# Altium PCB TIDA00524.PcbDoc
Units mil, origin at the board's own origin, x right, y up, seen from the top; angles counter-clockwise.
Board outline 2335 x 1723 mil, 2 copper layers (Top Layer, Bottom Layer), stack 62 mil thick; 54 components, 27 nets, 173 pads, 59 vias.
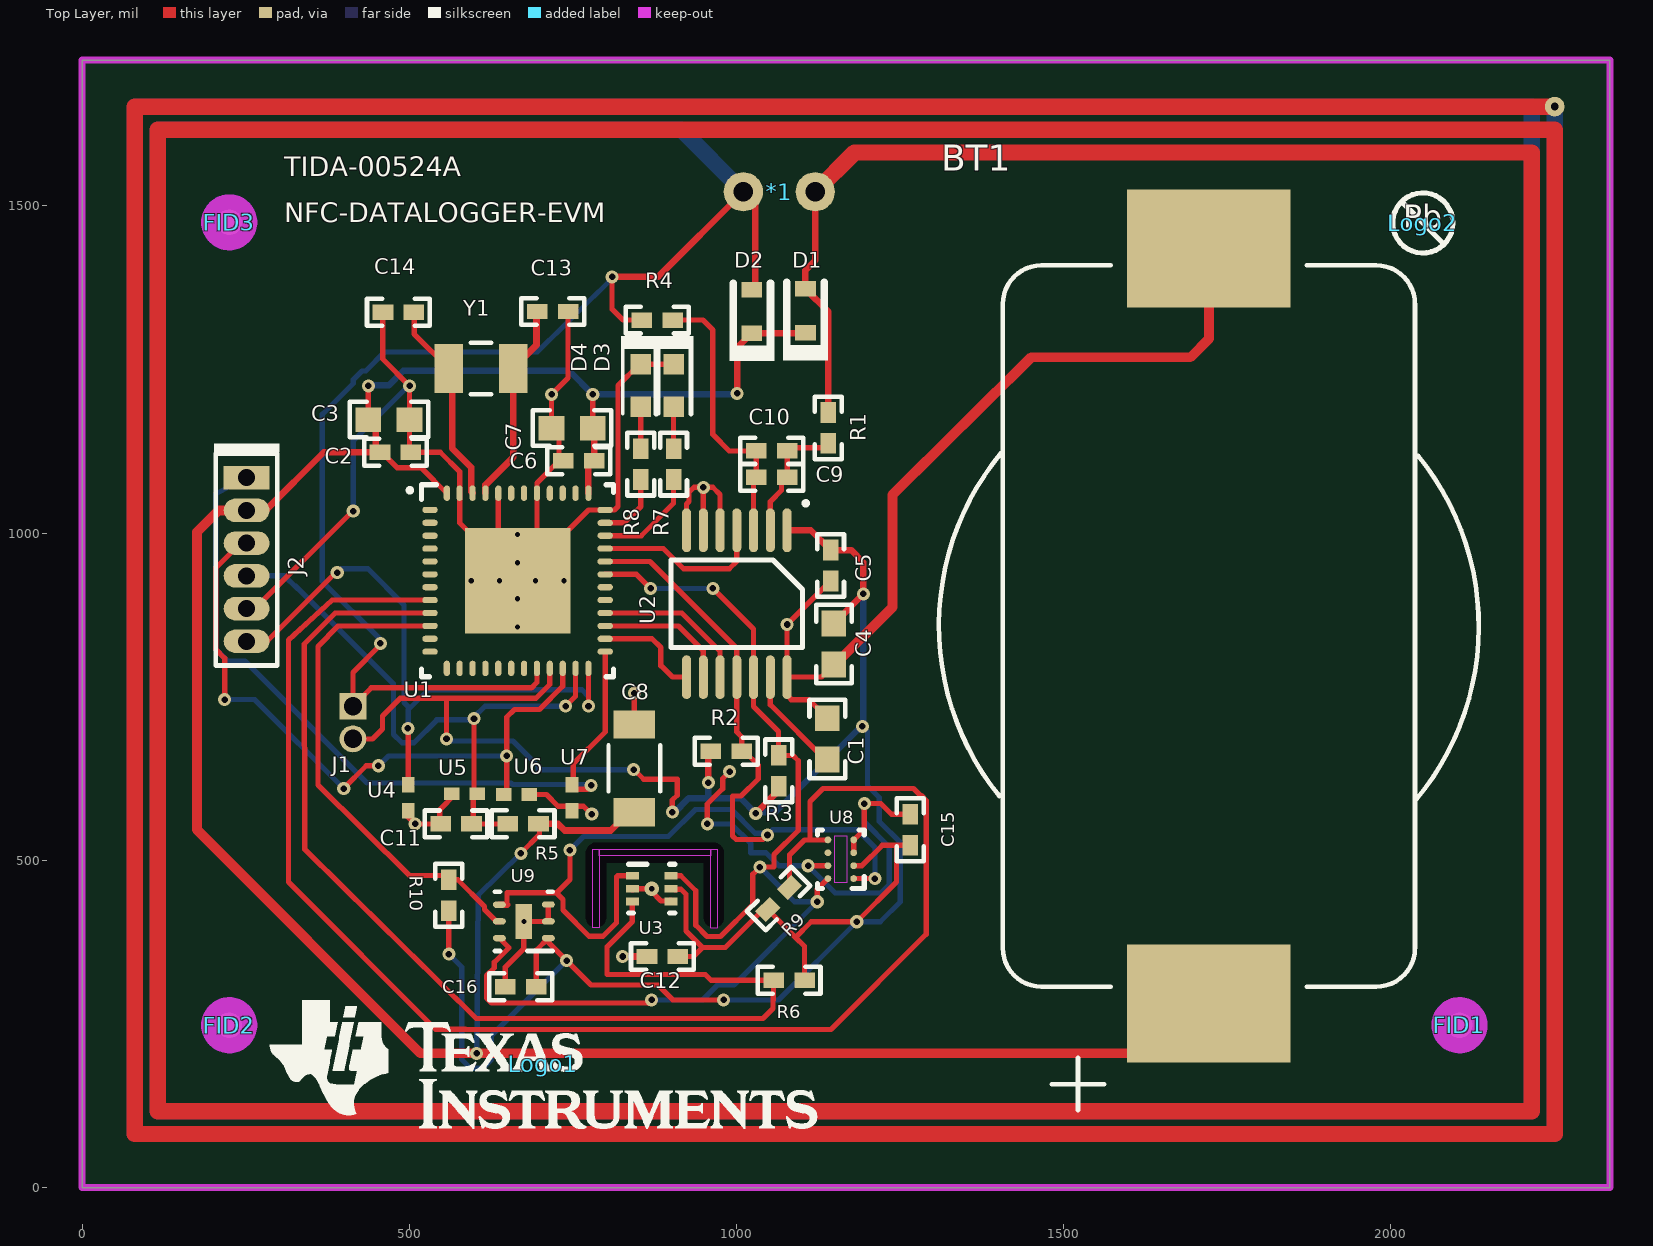
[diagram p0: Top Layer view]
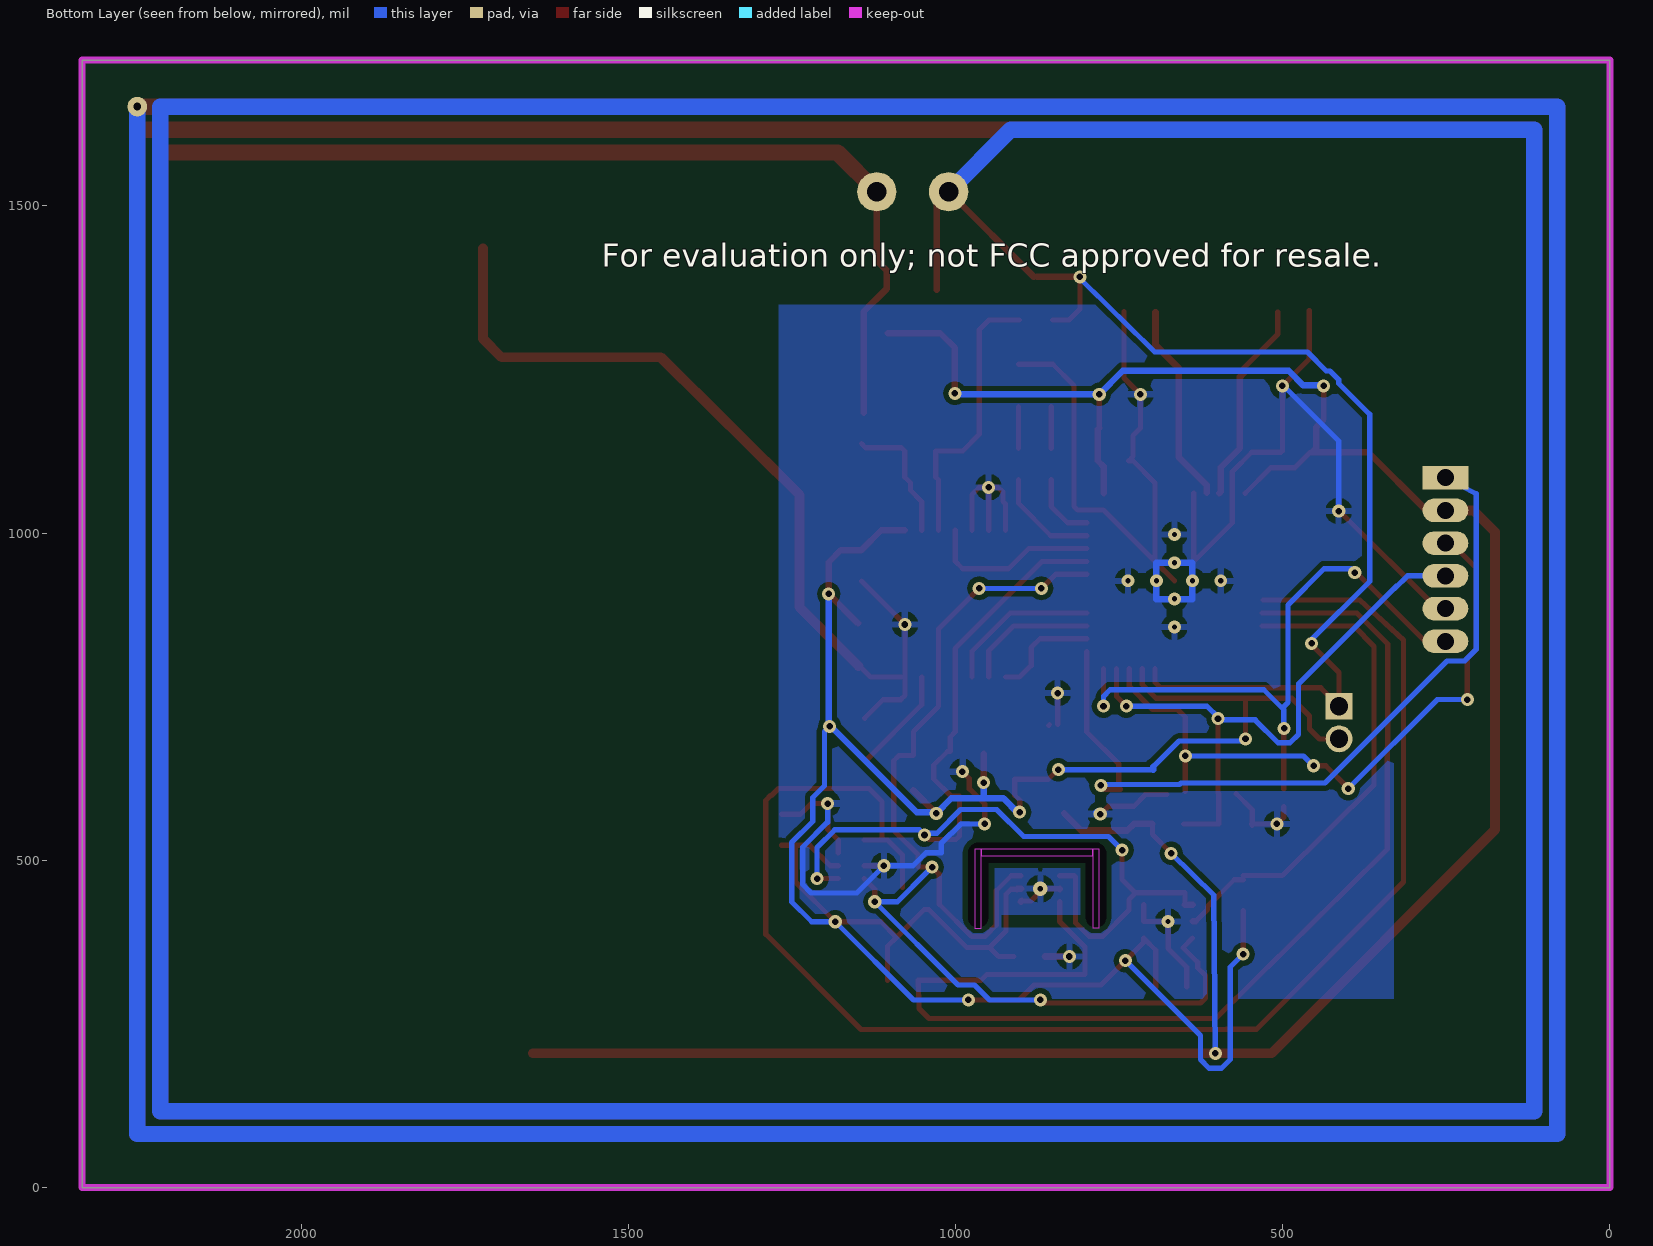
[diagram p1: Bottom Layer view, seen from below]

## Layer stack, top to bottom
Top Solder: solder mask 0.4, Solder Resist, Dk 3.5
Top Layer: signal copper 1.4
Dielectric1: core 59.2, FR-4, Dk 4.8
Bottom Layer: signal copper 1.4
Bottom Solder: solder mask 0.4, Solder Resist, Dk 3.5

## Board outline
0,0 2335,0 2335,1723 0,1723
cut-out: 790.55,506.69 790.55,516.69 960.55,516.69 960.55,506.69
cut-out: 960.55,516.55 970.55,516.55 970.55,396.55 960.55,396.55
cut-out: 780.55,516.69 790.55,516.69 790.55,396.69 780.55,396.69

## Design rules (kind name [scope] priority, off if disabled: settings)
AcuteAngle [All] p1: minimum=4.50000000000000E+0001 checktracksonly=FALSE
AssemblyTestPointUsage [All] p1: valid=2
Clearance Clearance_Keepouts [((IsTrack Or IsArc) And Not InPoly) And IsFree and IsKeepOut vs ((IsTrack Or IsArc) And Not InPoly) And IsFree and IsKeepOut] p1: gap=0
Clearance Clearance_BoardEdge_MountingHoles [OnCopper and InComponentClass('Mounting Holes') vs IsKeepOut] p2: gap=40
Clearance Clearance_BoardEdge_Poly [OnCopper and InPoly vs IsKeepOut] p3: gap=25
Clearance Clearance_BoardEdge [OnCopper and Not InComponentClass('Logo') and not InComponentClass('FiducialMark') and not InRegion(1000,500,4000,800) and Not IsKeepout and Not InComponent('*') vs IsKeepOut] p4: gap=5
Clearance Clearance_Poly [InPolygon] p5: gap=8
Clearance [All and not HasFootprint('PCBComponent_1') vs All and isFill and not HasFootprint('YPA0008AGAE')] p6: gap=7
ComponentClearance ComponentClearance_MountingHoles_FiducialMarks [InComponentClass('Mounting Holes') vs InComponentClass('FiducialMark')] p1: gap=50 collisioncheckmode=3 verticalgap=10 showdistances=FALSE
ComponentClearance ComponentClearance_Shunt [InComponentClass('Header') vs InComponentClass('Shunt')] p2: gap=0 collisioncheckmode=3 verticalgap=0 showdistances=FALSE
ComponentClearance ComponentClearance_Logo [InComponentClass('Logo')] p3: gap=50 collisioncheckmode=3 verticalgap=10 showdistances=FALSE
ComponentClearance ComponentClearance_ScrewToNut [(HasFootprint('NY PMS 440 0025 PH')) vs (HasFootprint('Keystone_1902C'))] p4: gap=5 collisioncheckmode=3 verticalgap=10 showdistances=FALSE
ComponentClearance ComponentClearance_MountingHoles [InComponentClass('Mounting Holes')] p5: gap=250 collisioncheckmode=3 verticalgap=100000 showdistances=FALSE
ComponentClearance ComponentClearance_SmallPassives [HasFootprint('0201*') or HasFootprint('0402*') or HasFootprint('0508') or HasFootprint('0603*') or HasFootprint('0612') or HasFootprint('0805*') or HasFootprint('0815*') or HasFootprint('0830*') or HasFootprint('1206*') or HasFootprint('1210*') or HasFootprint('1808*') or HasFootprint('1812*') or HasFootprint('1825*') or HasFootprint('2010*') or HasFootprint('2220*') or HasFootprint('2225*') or HasFootprint('2512*') or HasFootprint('2728*') or HasFootprint('3518*') vs HasFootprint('0201*') or HasFootprint('0402*') or HasFootprint('0508') or HasFootprint('0603*') or HasFootprint('0612') or HasFootprint('0805*') or HasFootprint('0815*') or HasFootprint('0830*') or HasFootprint('1206*') or HasFootprint('1210*') or HasFootprint('1808*') or HasFootprint('1812*') or HasFootprint('1825*') or HasFootprint('2010*') or HasFootprint('2220*') or HasFootprint('2225*') or HasFootprint('2512*') or HasFootprint('2728*') or HasFootprint('3518*')] p6: gap=10 collisioncheckmode=3 verticalgap=10 showdistances=FALSE
ComponentClearance ComponentClearance_THtoSMT [IsThruComponent and not HasFootprint('PCBComponent_1') vs IsSMTComponent and not HasFootprint('PCBComponent_1')] p7: gap=10 collisioncheckmode=3 verticalgap=10 showdistances=FALSE
ComponentClearance ComponentClearance_THtoTH [IsThruComponent and not HasFootprint('PCBComponent_1') vs IsThruComponent and not HasFootprint('PCBComponent_1')] p8: gap=10 collisioncheckmode=3 verticalgap=10 showdistances=FALSE
ComponentClearance [All and not HasFootprint('PCBComponent_1') vs All and not HasFootprint('PCBComponent_1')] p9: gap=10 collisioncheckmode=3 verticalgap=10 showdistances=FALSE
DiffPairsRouting [All] p1: maxlimit=100 minlimit=10 mostfreqgap=10 toplayer_minwidth=15 toplayer_maxwidth=15 toplayer_prefwidth=15 bottomlayer_minwidth=15 bottomlayer_maxwidth=15 bottomlayer_prefwidth=15 maxuncoupledlength=1000
FabricationTestPointUsage TestPointUsage [All] p1: valid=2 allowmultiple=FALSE
FabricationTestpoint Testpoint [All] p1: side=3 testpointundercomponent=TRUE minsize=40 maxsize=100 preferedsize=60 minholesize=0 maxholesize=40 preferedholesize=32 testpointgrid=1 allowsidetop=TRUE allowsidebottom=TRUE usegrid=TRUE gridtolerance=0.01
FanoutControl Fanout_LCC [IsLCC] p1: bgadir=Out bgaviamode=Centered fanoutstyle=Auto fanoutdirection=Alternating viagrid=1 // Fanout_LCC (Default Rule)
FanoutControl Fanout_BGA [IsBGA] p2: bgadir=Out bgaviamode=Centered fanoutstyle=Auto fanoutdirection=Alternating viagrid=1 // Fanout_BGA (Default Rule)
FanoutControl Fanout_Default [All] p4: bgadir=Out bgaviamode=Centered fanoutstyle=Auto fanoutdirection=Alternating viagrid=1 // Fanout_Default (Default Rule)
FanoutControl Fanout_Small [(CompPinCount < 5)] p5: bgadir=Out bgaviamode=Centered fanoutstyle=Auto fanoutdirection=OutThenIn viagrid=1 // Fanout_Small (Default Rule)
HoleSize [All] p1: absolutevalues=TRUE maxlimit=251 minlimit=7 maxpercent=80.000 minpercent=20.000
HoleToHoleClearance [All vs All And Not HasSlotHole] p1: gap=10 allowstackedmicrovias=TRUE
MinimumAnnularRing MinimumAnnularRing_ThermalPadVias [IsVia and InAnyComponent] p1: minimumring=5.91
MinimumAnnularRing [All] p2: minimumring=5
MinimumSolderMaskSliver MinimumSolderMaskSliver_Logo [InComponentClass('Logo') vs InComponentClass('Logo')] p1: minsoldermaskwidth=0.7
MinimumSolderMaskSliver [All] p2: minsoldermaskwidth=3.94
NetAntennae NetAntennae_1 [All and not HasFootprint('PCBComponent_1') Or OnTopLayer] p1: netantennaetolerance=1000
NetAntennae [All] p2: netantennaetolerance=0
PlaneConnect [All] p1: planeconnectstyle=Relief reliefexpansion=10 reliefentries=4 reliefconductorwidth=10 reliefairgap=10
PolygonConnect [All] p1: connectstyle=Relief reliefconductorwidth=10 reliefentries=4 polygonreliefangle="90 Angle" airgapwidth=10
RoutingVias ThermalPadVias [IsVia and InAnyComponent] p1: holewidth=7.87 width=19.68 viastyle="Through Hole" minholewidth=7 minwidth=19.68 maxholewidth=12.99 maxwidth=23.62
RoutingVias [All] p2: holewidth=16 width=34 viastyle="Through Hole" minholewidth=7 minwidth=19 maxholewidth=40 maxwidth=65
ShortCircuit ShortCircuit_1 [All and not HasFootprint ('YPA0008AGAE')] p1: allowed=TRUE
ShortCircuit [All] p2: allowed=FALSE
SilkToBoardRegionClearance [Not ((IsComment or IsDesignator) And (Hide <> 'False')) and not InRegion(1000,500,4000,800)] p1:
SilkToSilkClearance SilkToSilkClearance_Pb-FreeLogo [(HasFootprint('Pb-Free_Overlay_Medium') OR HasFootprint('Pb-Free_Overlay_Small')) vs (HasFootprint('Pb-Free_Overlay_Medium') OR HasFootprint('Pb-Free_Overlay_Small'))] p1: silktosilkclearance=0
SilkToSilkClearance [All] p2: silktosilkclearance=4
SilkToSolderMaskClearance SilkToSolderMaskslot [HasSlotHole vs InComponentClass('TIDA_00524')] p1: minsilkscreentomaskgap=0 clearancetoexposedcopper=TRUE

---------------

# What you will do:
From the data above, output only the lines between the line containing "NetAntennae NetAntennae_1 [All" and the line containing "PolygonConnect [All] p1: connectstyle=Relief", inclusive, exactly as written.

# Solution below:
NetAntennae NetAntennae_1 [All and not HasFootprint('PCBComponent_1') Or OnTopLayer] p1: netantennaetolerance=1000
NetAntennae [All] p2: netantennaetolerance=0
PlaneConnect [All] p1: planeconnectstyle=Relief reliefexpansion=10 reliefentries=4 reliefconductorwidth=10 reliefairgap=10
PolygonConnect [All] p1: connectstyle=Relief reliefconductorwidth=10 reliefentries=4 polygonreliefangle="90 Angle" airgapwidth=10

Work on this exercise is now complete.